You soon won’t need a Google+ account to enjoy the best of Google

Google Plus 4.8 for iOS iPhone screenshnot 001

You can kiss your little-used Google+ account goodbye once and for all as the Internet giant today confirmed the disentangling of its failed social network from YouTube, Gmail and other services.

And in the future, there’ll even be an option to remove your public Google+ profile from your underlying Google Account, a tell-tale sign that the management has admitted defeat in the battle for supremacy in the social arena.

Bradley Horowitz, Google’s Vice President of Sharing, said “it doesn’t make sense for your Google+ profile to be your identity in all the other Google products you use.”

The executive went on to say that even though Google “got certain things right”, it’s become painfully obvious that a few choices the firm’s made needed rethinking.

By decoupling Google+ from the rest of Google services, your Google Account will no longer be associated with your public profile on Google+. In turn, any information in your Google Account will stay private and won’t be searchable on the web, like it used to be in the past.

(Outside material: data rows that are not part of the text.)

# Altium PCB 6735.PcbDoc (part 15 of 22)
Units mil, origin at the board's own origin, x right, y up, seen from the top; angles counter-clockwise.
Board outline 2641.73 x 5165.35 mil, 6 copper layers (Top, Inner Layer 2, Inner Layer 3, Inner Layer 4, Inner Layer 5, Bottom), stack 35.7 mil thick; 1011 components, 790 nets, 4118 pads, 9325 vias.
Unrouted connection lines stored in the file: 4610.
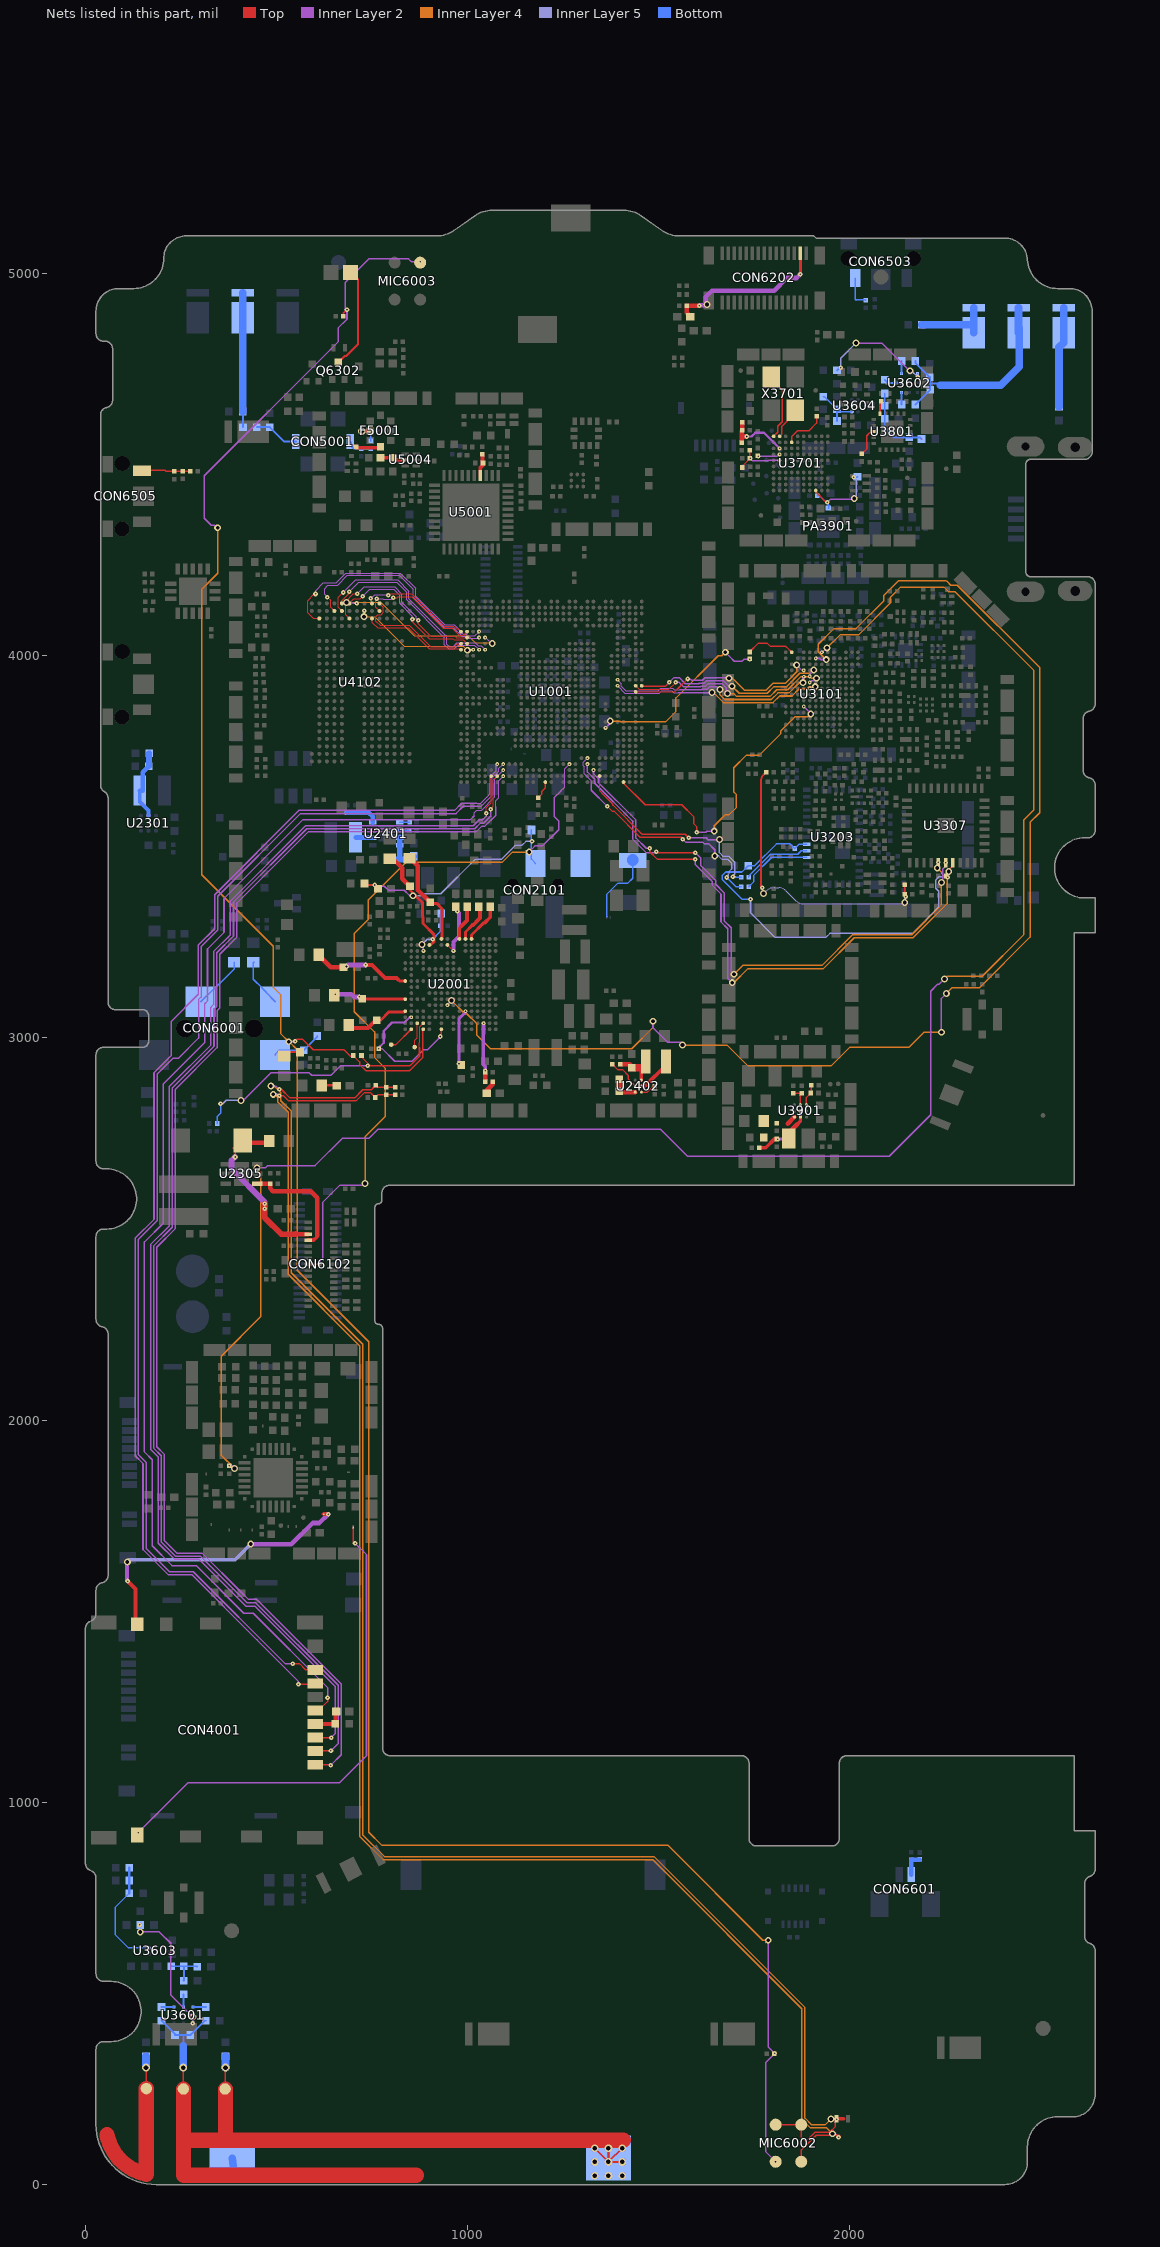
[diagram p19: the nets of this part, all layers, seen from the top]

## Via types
v1: diameter 12, hole 4, Top to Inner Layer 2, 3329 vias
v2: diameter 12, hole 4, Inner Layer 5 to Bottom, 3071 vias
v3: diameter 18, hole 10, Inner Layer 2 to Inner Layer 5, 1928 vias
v4: diameter 10, hole 4, Top to Inner Layer 2, 525 vias
v5: diameter 20, hole 12, Top to Bottom, 472 vias

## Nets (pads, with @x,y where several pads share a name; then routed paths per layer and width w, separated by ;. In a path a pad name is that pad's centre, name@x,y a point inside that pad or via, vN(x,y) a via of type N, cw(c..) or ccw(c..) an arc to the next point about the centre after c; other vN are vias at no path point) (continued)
LCM_LEDA: C2319.1 CON6102.3 D2301.2 | length 516.2
  Top w4: v1(391.35,2688.41) 391.35,2711.19 391.35,2731.15 D2301.2@411.31,2731.15 ; CON6102.3@581.19,2486.73 580.95,2486.97 CON6102.3@582.62,2486.73 581.31,2486.09 CON6102.3@581.95,2486.73
  Top w12: D2301.2@391.35,2711.19 D2301.2@411.31,2731.15 411.31,2725.89 476.53,2725.89 C2319.1@480.72,2730.09 ; 550.31,2486.73 581.19,2486.73 581.95,2486.73 CON6102.3@582.62,2486.73
  Top w15: v1(469.21,2553.49) v1@469.31,2553.49 ; v1(469.43,2565.59) 469.31,2565.59 v1@469.31,2553.49 ; 550.31,2486.73 549.67,2486.09 512.57,2486.09 469.31,2529.34 v1@469.31,2553.49
  Inner Layer 2 w15: v1(391.35,2688.41) 381.92,2678.98 381.92,2657.39 469.31,2570 v1@469.31,2567.09 ; v1(469.21,2553.49) 469.31,2554.79 v1@469.31,2567.09 ; v1(469.43,2565.59) v1@469.31,2567.09
LCM_LEDK: CON6102.4 R2310.1 U2305.1 | length 309
  Top w10: CON6102.4@582.62,2470.98 597.46,2470.98 606.31,2479.84 606.31,2481.91
  Top w12: U2305.1@449.29,2618.9 469.54,2618.9 469.95,2618.49 R2310.1@482.95,2618.49 482.95,2606.49 490.37,2599.07 589.44,2599.07 606.31,2582.2 606.31,2481.91
LCM_RST: CON6102.8 U1001.W4 | length 1910.4
  Top w4: CON6102.8@582.62,2407.99 599.34,2407.99 599.44,2408.09 v1(612.31,2408.09)
  Inner Layer 2 w3: 1243.95,3646.17 1253.45,3655.67 1253.45,3703.77 v4(1266.2,3716.51)
  Inner Layer 2 w4: v1(612.31,2408.09) 614.31,2408.09 614.31,2416.09 621.28,2423.06 621.28,2570.34 666.04,2615.09 731.65,2615.09 v3(731.65,2618.97) ; v3(1161.17,3486.23) 1161.17,3487.17 1169.5,3495.5 1177.1,3503.09 1196.49,3503.09 1238.31,3544.92 1238.31,3567.75 1225.95,3580.11 1225.95,3628.17 1243.95,3646.17
  Inner Layer 4 w4: v3(731.65,2618.97) 731.65,2741.43 783.95,2793.74 783.95,2921.07 756.31,2948.71 756.31,3015.72 703.31,3068.72 703.31,3273.08 739.31,3309.08 739.31,3360.3 838.1,3459.09 1089.83,3459.09 1116.97,3486.23 v3(1161.17,3486.23)
LTE_LTEX26M_IN: R1102.2 U3101.M1 | length 130.1
  Top w4: R1102.2@1738.15,4009.59 1738.15,4010.59 1760.64,4033.08 1783.37,4033.08 1791.13,4025.32 1830.81,4025.32 1833.54,4022.59 1834.15,4022.59 U3101.M1@1847.91,4008.83
LTE_RFIC0_BSI_CK: U1001.AG18 U3101.K6 | length 579.6
  Top w4: U3101.K6@1879.41,3930.09 1879.49,3930.09 1879.49,3944.92 v4(1879.58,3944.92)
  Inner Layer 2 w3: v4(1392.18,3936.99) 1402.07,3927.09 1402.07,3919.83 1413.34,3908.56 1498.78,3908.56 1504.81,3914.59 1536.45,3914.59 1540.46,3910.58 1555.02,3910.58 1555.27,3910.83
  Inner Layer 2 w4: 1555.27,3910.83 1611.86,3910.83 1612.64,3911.61 1625.68,3911.61 1632.66,3918.59 1652.51,3918.59 v3(1659.95,3911.15) ; v3(1877.14,3929.41) 1877.14,3942.49 v4(1879.58,3944.92)
  Inner Layer 4 w4: v3(1659.95,3911.15) 1659.95,3898.08 1672.62,3885.41 1794.45,3885.41 1811.62,3902.58 1840.68,3902.58 1867.51,3929.41 v3(1877.14,3929.41)
LTE_RFIC0_BSI_D0: U1001.AK17 U3101.J6 | length 558
  Top w3: U1001.AK17@1439.43,3921.24 1448.84,3911.81 1526.31,3911.81 1544.31,3929.81 v1(1544.31,3930.09)
  Inner Layer 2 w4: v1(1544.31,3930.09) 1553.69,3930.09 1564.95,3918.83 1608.51,3918.83 1609.3,3919.62 1622.1,3919.62 1629.07,3926.59 1665.73,3926.59 1676.68,3915.64 1676.68,3903.6 v3(1679.41,3900.88) ; v4(1895.16,3930.09) 1899.17,3934.1 1905.84,3934.1 v3(1912.68,3940.94)
  Inner Layer 4 w4: v3@1679.41,3900.83 1696.21,3900.83 1703.44,3893.61 1722.31,3893.61 1787.1,3893.59 1791.27,3893.6 1808.63,3910.96 1837.48,3910.96 1870.93,3944.41 1896.28,3944.41 1899.76,3940.94 v3(1912.68,3940.94)
LTE_RFIC0_BSI_D1: U1001.AL17 U3101.J5 | length 530.3
  Top w4: U1001.AL17@1455.17,3921.24 1455.17,3920.09 1517.31,3920.09 v1(1527.31,3930.09)
  Inner Layer 2 w4: v1(1527.31,3930.09) 1540.06,3942.83 1553.43,3942.83 1569.43,3926.83 1605.12,3926.83 1605.94,3927.65 1618.25,3927.65 1625.2,3934.59 1669.04,3934.59 1683.44,3920.19 v3(1691.68,3920.19) ; v4(1895.16,3945.83) 1895.16,3952.17 v3(1905.4,3962.41)
  Inner Layer 4 w4: v3(1691.68,3920.19) 1710.26,3901.61 1783.86,3901.61 1801.59,3919.34 1834.54,3919.34 1869.01,3953.81 1896.8,3953.81 v3(1905.4,3962.41)
LTE_RFIC0_BSI_D2: U1001.AK16 U3101.K4 | length 519.1
  Top w3: U1001.AK16@1439.43,3905.49 1541.71,3905.49 1548.31,3912.09
  Top w4: 1548.31,3912.09 v1(1575.31,3939.09)
  Inner Layer 2 w4: v1(1575.31,3939.09) 1575.31,3938.05 1583.31,3938.05 1586.2,3935.16 1602.47,3935.16 1603.01,3935.7 1613.87,3935.7 1620.77,3942.59 1682.25,3942.59 v3(1683.95,3940.89) ; v3(1860.81,3975.65) 1874.88,3961.58 v4(1879.41,3961.58)
  Inner Layer 4 w4: v3(1683.95,3940.89) 1682.65,3939.59 1694.12,3939.59 1724.1,3909.61 1780.5,3909.61 1799.05,3928.15 1831.2,3928.15 1860.81,3957.76 v3(1860.81,3975.65)
LTE_RFIC0_BSI_EN: U1001.AG17 U3101.J7 | length 574.6
  Inner Layer 2 w3: v4(1392.18,3921.24) 1411.05,3902.37 1501.59,3902.37 1507.81,3908.59 1533.97,3908.59 1539.73,3902.83 1551.62,3902.83
  Inner Layer 2 w4: 1551.62,3902.83 1615.21,3902.83 1615.98,3903.6 1621.86,3903.6 v3(1639.15,3903.59) ; v4(1895.16,3914.34) 1899.74,3918.92 v3@1909.4,3918.92
  Inner Layer 4 w4: v3(1639.15,3903.59) 1643.13,3903.59 1669.31,3877.41 1799.19,3877.41 1816.36,3894.58 1848.67,3894.58 1867.68,3913.59 1887.76,3913.59 1893.13,3918.96 v3(1909.43,3918.95) v3(1909.43,3918.95)
LTE_TXBPI: U1001.AH1 U3101.K10 | length 804.2
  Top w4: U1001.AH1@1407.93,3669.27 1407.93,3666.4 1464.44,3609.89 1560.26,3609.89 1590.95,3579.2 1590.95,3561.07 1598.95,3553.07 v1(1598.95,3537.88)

“Your underlying Google Account won’t be searchable or followable, unlike public Google+ profiles,” the post acknowledges. “And for people who already created Google+ profiles but don’t plan to use Google+ itself, we’ll offer better options for managing and removing those public profiles.”

If you have Gmail, you already have a Google Account. A Google Account allows you to use a number of Google services and features, like instant messaging, sharing, browsing YouTube and more.

YouTube will be one of the first products to make this change.

In the coming weeks, YouTubers will be allowed to create new channels, upload and post comments without needing to have a Google+ account, said the YouTube team on their blog. And as of today, the comments you make on YouTube will now appear only on YouTube, not also on Google+.

YouTube fans will be able to remove their Google+ profile from their YouTube account in the coming months. Just don’t do it now or you’ll delete your YouTube channel.

Another Google+ feature on the chopping block: location sharing.

Google Plus 4.8 for iOS iPhone screenshnot 003

Going forward, location sharing will be added to Hangouts and other Google apps and services that don’t have it yet. Again, these changes will be rolling out over the next few months.

The executive went on to explain in a follow-up post on Google+ that Google+ isn’t really going away, it’s just going to be reshuffled around the company’s new Streams, Photos and Sharing initiatives.

“We’re going to continue focusing Google+ on helping users connect around the interest they love, and retire it as the mechanism by which people share and engage within other Google products,” he said.

“We want to formally retire the notion that a Google+ membership is required for anything at Google… other than using Google+ itself.”

Soon after co-founder Larry Page took the reins as CEO back in April 201, he ordered all product teams to make adding Google+ social features a priority.

The strategy paid off in short term as Google+ was picking up steam. On the flip side, most of the growth wasn’t organic, it was the result of Google’s forced approach. For instance, you needed a Google+ account to create a new account on YouTube, and even post comment on videos.

Just recently, Google pledged to separate Google+ Photos from the main Google+ service. Keeping true to the promise, the company released a standalone Google Photos mobile app for iOS and Android platforms.

google photos

Google Photos includes unlimited cloud-based storage as long as your images are not more than sixteen megapixels. The app downscales photos found in a user’s device library before uploading them to the service, resulting in fast syncing.

Once in the cloud, photos are analyzed and automatically tagged by people and objects in them, making them fun and easy to search.

As for the main Google+ mobile app, despite interesting feature additions such as polls, photo filters, digital travelogues and full-resolution photo and video backup, to mention but a few, it’s failed to impress iOS fans.

And Google got the message as it neglected development of new features. For instance, the iOS app has received its last feature-focused update way back in December of 2014.

Google+ for iPhone and iPad is a free download from the App Store.

Are you a Google+ user?

Is it a good idea on Google’s part to decouple Google+ from the rest of its services like Hangouts, YouTube and more, do you think?